WestJet set to start Yukon flights in May

If you're thinking about heading south this summer, or having friends or family come to visit, you might want to book those plane tickets soon.

If you’re thinking about heading south this summer, or having friends or family come to visit, you might want to book those plane tickets soon.

On Monday, WestJet Airlines announced it will start offering service between Vancouver and Whitehorse this spring. As an introductory offer, the budget airline is selling some seats as cheap as $99.

This works out to about $130.33 once all the taxes and fees have been included.

The deal will be offered from May 17, when the service will launch, to Aug. 29.

Both of the Yukon’s existing airlines, Air Canada and Air North have already matched the low price.

“That’s what WestJet does. We come in and offer very low fares and right off the bat that’s a huge service to that community,” said WestJet spokesperson Robert Palmer.

“And once people experience our service, they’ll fly with us over and over again.”

The seat sale will result in losses for all three carriers, said Air North president Joe Sparling.

Even with a full plane, WestJet needs to charge $130 to cover costs, he said.

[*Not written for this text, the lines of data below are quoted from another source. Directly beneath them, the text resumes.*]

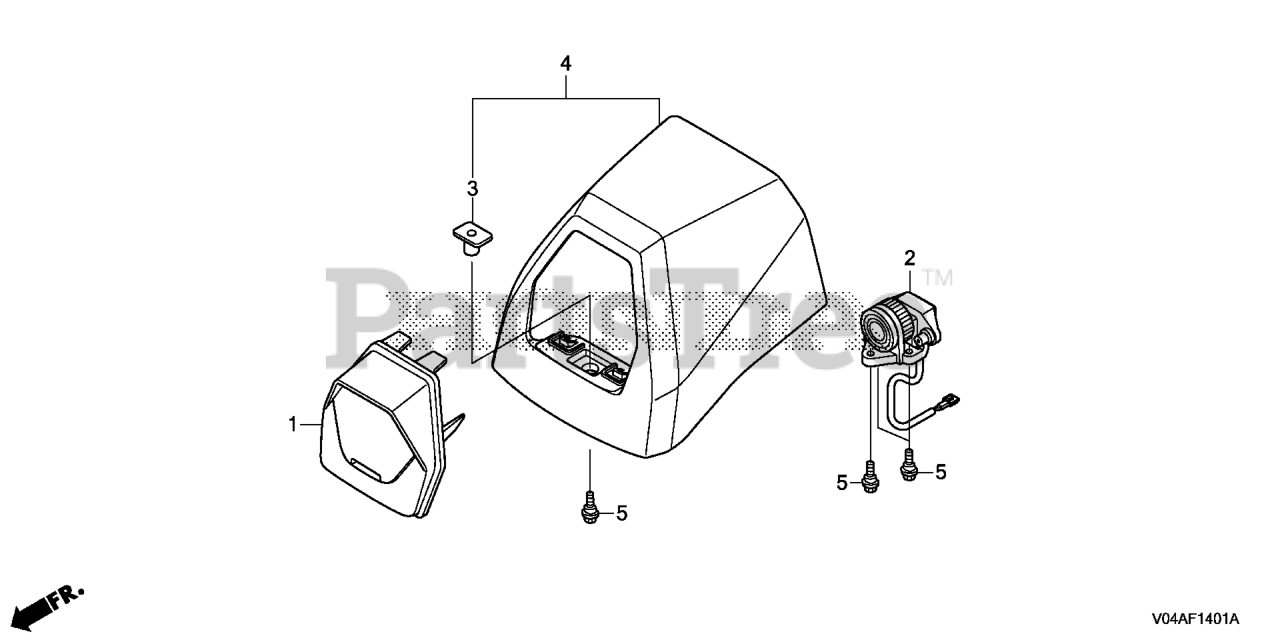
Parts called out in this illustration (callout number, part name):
1	LENS, HEADLIGHT *TCLEAR* (CLEAR)
2	HEADLIGHT ASSY.
3	NUT, SPECIAL (6X7)
4	COVER, HEADLIGHT *NH296* (ALPS GRAY)
5	BOLT, FLANGE (6MM)
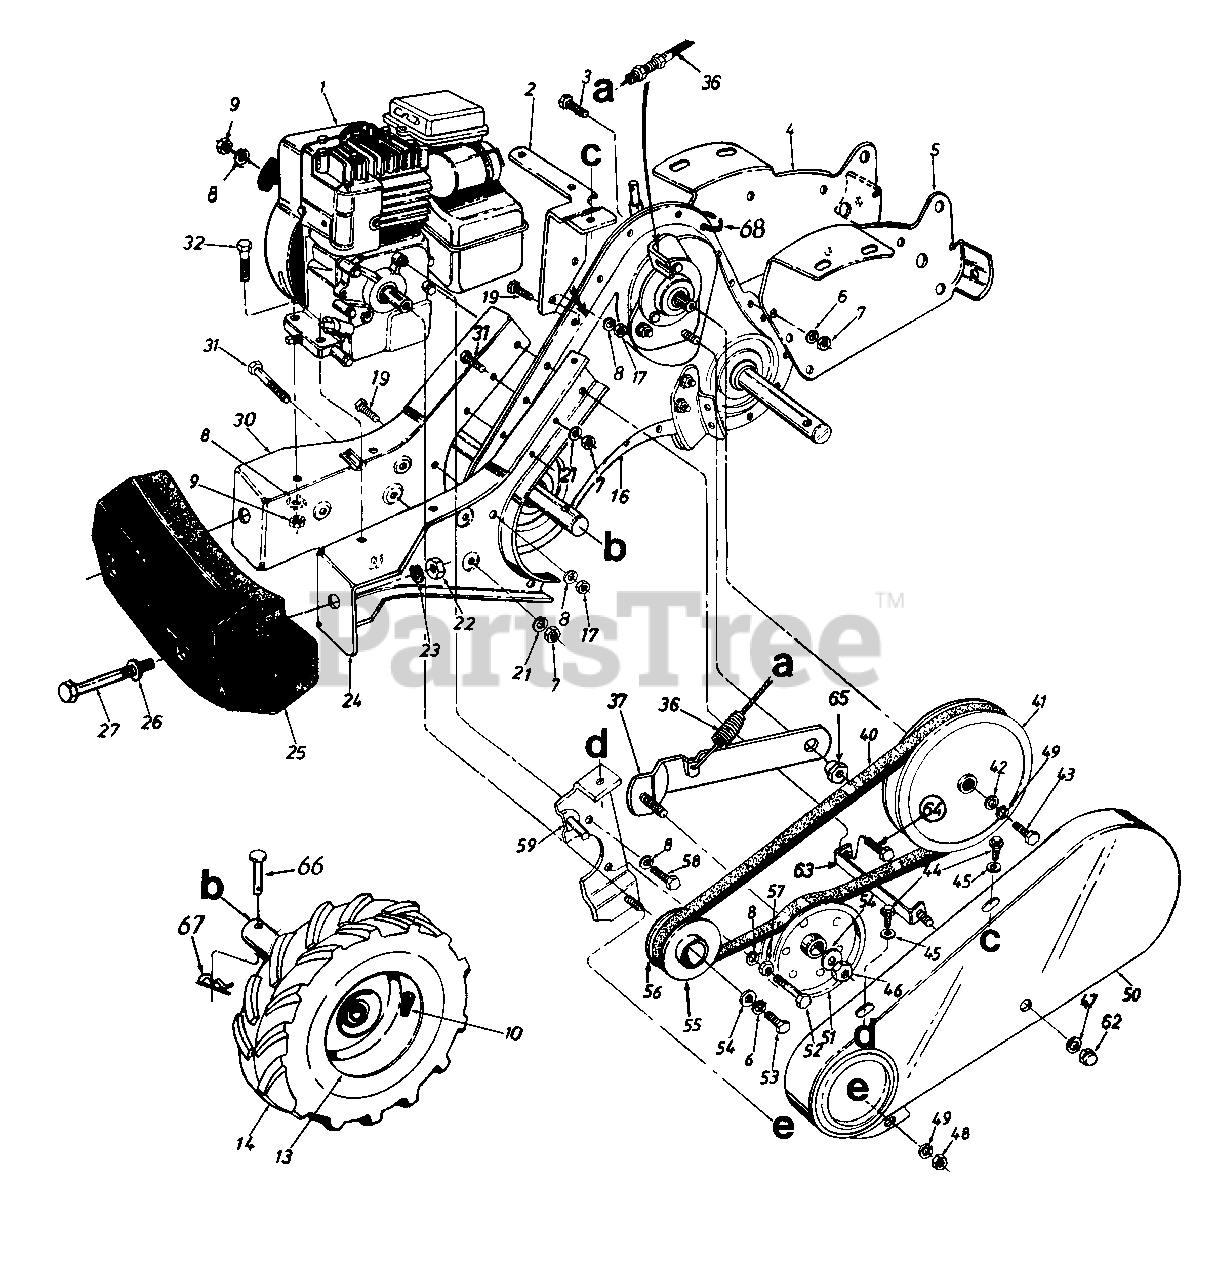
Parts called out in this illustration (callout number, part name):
1	Engine
7	Hex Nut 3/8-16 Thd.
8	L-Wash. 5/16" I.D.
9	Hex Nut 5/16-18" Thd.
10	Air Valve
16	Gear Case Ass'y. Comp.
17	Hex Nut 5/16-18 Thd.
19	Hex Bolt 5/16-18 x .75" Lg.
21	L-Wash. 3/8" I.D.- H.D.
22	Hex Nut 1/2-13 Thd.
23	L-Wash. 1/2" I.D.
26	Fl-Wash. .510" I.D. x 1.0"
27	Hex Bolt 1/2-13 x 5.00" Lg.
32	Hex Bolt 5/16-18 x 1.50"
36	Clutch Control Cable 46" Lg.
37	Idler Bracket Ass'y.
40	"V"-Belt
41	Fl-Pulley 8" O.D.
42	Fl-Wash. 1/4" I.D. x .93" O.D.
43	Hex Bolt 1/4-28 x .75" Lg.
44	Hex Wash. Hd. S-Tap Scr. 1/4-20 x .50" Lg.
45	Fl-Wash. .281" I.D. x .625"
46	Hex Cent. L-Nut 3/8-24 Thd.
47	Fl-Wash. .266" I.D. x .625" O.D.
48	Hex Nut 1/4-20 Thd.
49	L-Wash. 1/4" I.D.
51	Fl-Idler w/Flanges 3.75" O.D.
52	Hex Bolt 5/16-24 x 1.75"
53	Hex Bolt 3/8-24 x 1.00" Lg.
54	Fl-Wash. 3/8" I.D. x 1.00"
55	Outer Engine Pulley Half
56	Inner Engine Pulley Half
57	Hex Nut 5/16-24 Thd.
58	Hex Bolt 5/16-24 x .62" Lg.
63	Belt Cover Brkt. Ass'y.
64	Hex Bolt 5/16-18 x 1" Lg. (Gr. 5)
65	Shld. Nut
66	Clevis Pin
67	Hairpin Clip
68	Cable Tie - Self Clinching
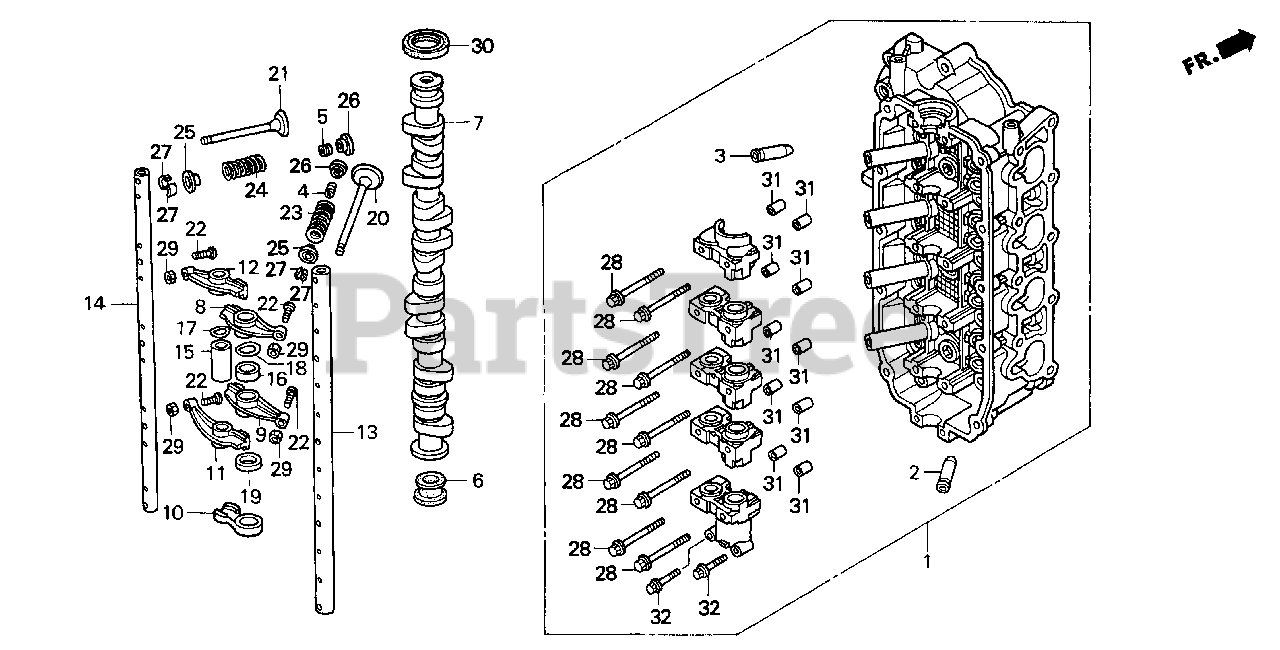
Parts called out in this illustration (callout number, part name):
1	CYLINDER HEAD SUB-ASSY. *NH8* (DARK GRAY)
2	GUIDE, VALVE (OVER SIZE)
3	GUIDE, EX. VALVE (OVER SIZE)
4	SEAL A, VALVE STEM (NOK)
5	SEAL B, VALVE STEM (NOK)
6	RUBBER, CYLINDER HEAD SEAL
8	ARM A, IN. ROCKER
9	ARM B, IN. ROCKER
10	ARM, FUEL PUMP ROCKER
11	ARM A, EX. ROCKER
12	ARM B, EX. ROCKER
13	SHAFT, IN. ROCKER ARM
14	SHAFT, EX. ROCKER ARM
15	COLLAR, ROCKER (A)
16	COLLAR, ROCKER (B)
17	WASHER, WAVE
18	WASHER, IN. WAVE
19	COLLAR A, IN. ROCKER
20	VALVE, IN. (TMSS)
21	VALVE, EX. (TMSS)
22	SCREW, TAPPET ADJUSTING
23	SPRING, IN. VALVE (ORANGE) (NHK SPRING)
24	SPRING, EX. VALVE (VIOLET) (NIPPON HATSUJO)
25	RETAINER, VALVE SPRING
26	SEAT, VALVE SPRING
27	COTTER, VALVE (FUJI VALVE)
28	BOLT, FLANGE (8X76)
29	NUT, TAPPET ADJUSTING
30	OIL SEAL (35X50X8) (NOK)
31	PIN, DOWEL (10X16)
32	BOLT, FLANGE (6X40)
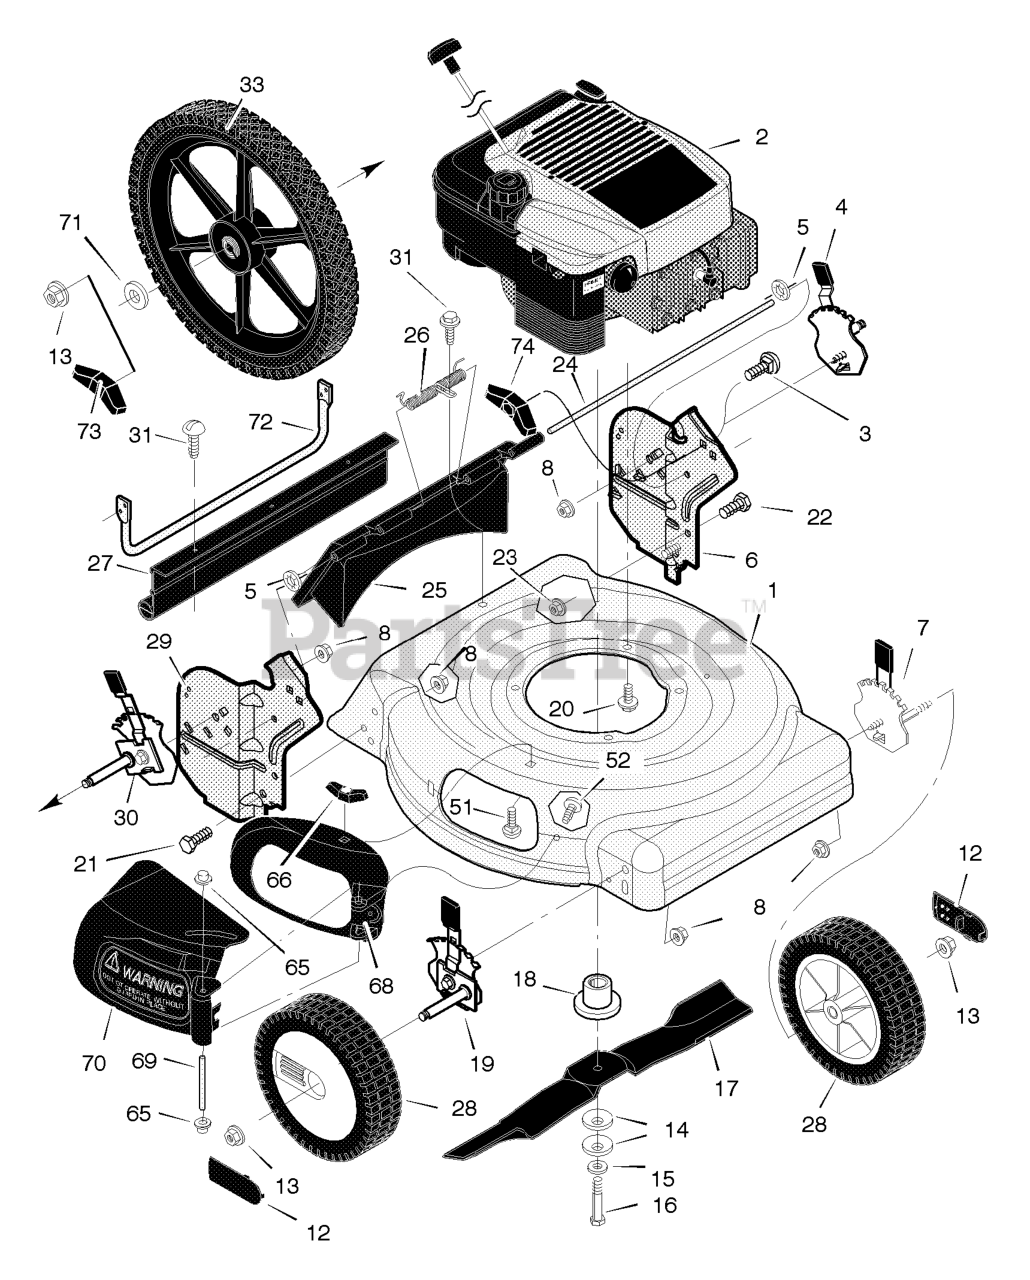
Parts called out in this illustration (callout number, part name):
1	Housing
2	Engine
3	Bolt, Carriage
4	Adjuster, Left Rear Height
5	Retainer, Push
6	Bracket, Left Handle
7	Adjuster, Left Front Height
8	Nut, Flange
12	Hub Cab
13	Nut, Flange
14	Washer, Belleville
18	Adapter, Blade
19	Adjuster, Right Front Height
20	Bolt, Engine
21	Bolt
22	Bolt
23	Nut, Flange
24	Rod, Pivot
25	Door, Rear (Gray)
26	Spring
27	Guard, Rear
28	Wheel & Tire
29	Bracket, Right Handle
30	Adjuster, Right Rear Height
33	Wheel, Rear
51	Bolt, Carriage
65	Push On Cap
66	Wingnut
68	Bezel (Gray)
69	Pin, Pivot
70	Deflector, Chute (Gray)
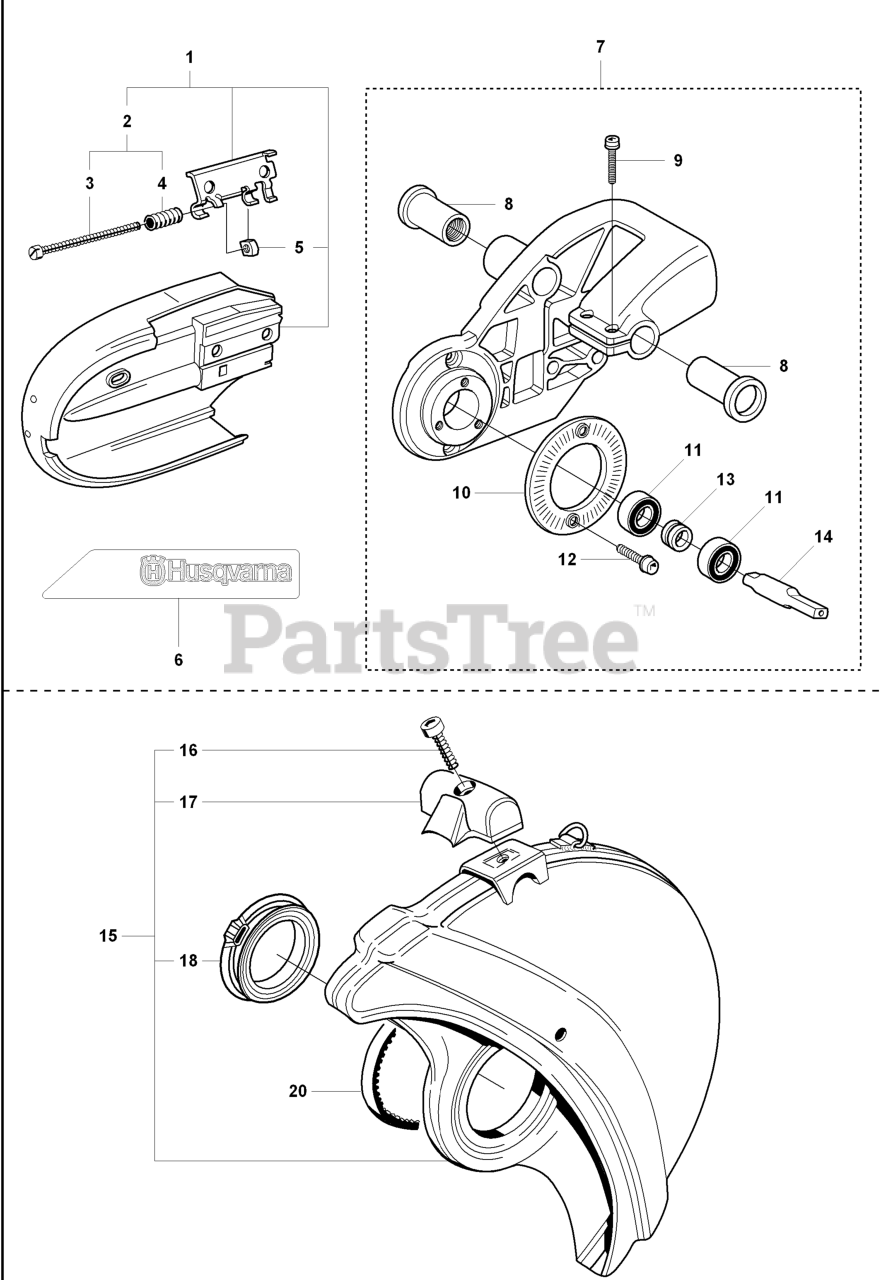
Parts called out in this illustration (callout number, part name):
1	BELT GUARD
1	PROTECTOR
2	TENSIONER
7	BEARING HOUSING
11	BALL BEARING
15	RP GUARD
15	PROTECTOR
16	SCREW MC6S 5X20
19	V-BELT

But the Yukon rarely sees sold-out flights, averaging about 70 per cent capacity.

With a new airline adding another daily flight, that capacity is likely to drop further, increasing costs for all three airlines.

Sparling said WestJet is coming to Whitehorse to continue its nationwide competition with Air Canada rather than out of any interest in the small Yukon market.

“It’s pretty clear that the Yukon market is not going to have any real impact on the bottom line for either WestJet or Air Canada,” said Sparling.

“But getting caught up in the competitive battle between the two mainline carriers could have a very real impact on people in our community along with their families.”

Air North employs 168 full-time workers in the territory and spent more than $9 million on payroll last year.

These jobs include administration, sales and marketing, catering, maintenance and flight crew positions, he said.

“I believe that it is, or should be, important to our community that these jobs not be put at risk,” said Sparling.

But WestJet is here to prosper, said Palmer.

“We obviously believe that this is going to be a very successful service,” he said. “We wouldn’t be here if we didn’t.”

“At the same time, how successful it is really is up to the consumer. The fate of any airline is in the hands of the community in which it resides.”

The southbound flights will leave at 8:30 in the morning and arrive in Vancouver at 10:46 a.m.

That will allow travellers to connect to WestJet’s outgoing flights to destinations throughout Canada, the U.S. (including four in Hawaii), Mexico and the Caribbean.

The northbound flights will leave Vancouver at 6:40 p.m., arriving in Whitehorse at 9:02 p.m.

WestJet will monitor the demand for the Whitehorse route, as well as the connecting flights its passengers make in Vancouver.

This will help them decide whether additional service or connecting flights between Whitehorse and other cities would make any sense.

The more people that fly with WestJet, the more services WestJet will offer. That’s the pitch they’re making anyway.

Through WestJet’s partnerships with Japan Airlines and Cathay Pacific, the airline hopes to attract more tourists from Asia to the Yukon.

The Yukon used to be a much bigger draw for Asian tourists, said Palmer.

However, those numbers dropped after the 9/11 terrorist attacks.

“It’s starting to come back, from what we understand, which is one of the reasons we moved into Yellowknife three years ago,” he said.

“We’re looking forward to potentially bringing some of those folks back to see the northern lights and the land of the midnight sun.”

Once, the introductory seat sale is over at the end of August, one-way flights will be as low as $179 ($234.21 with taxes and fees). That is slightly cheaper than the discount flights that Air North and Air Canada have offered in the past.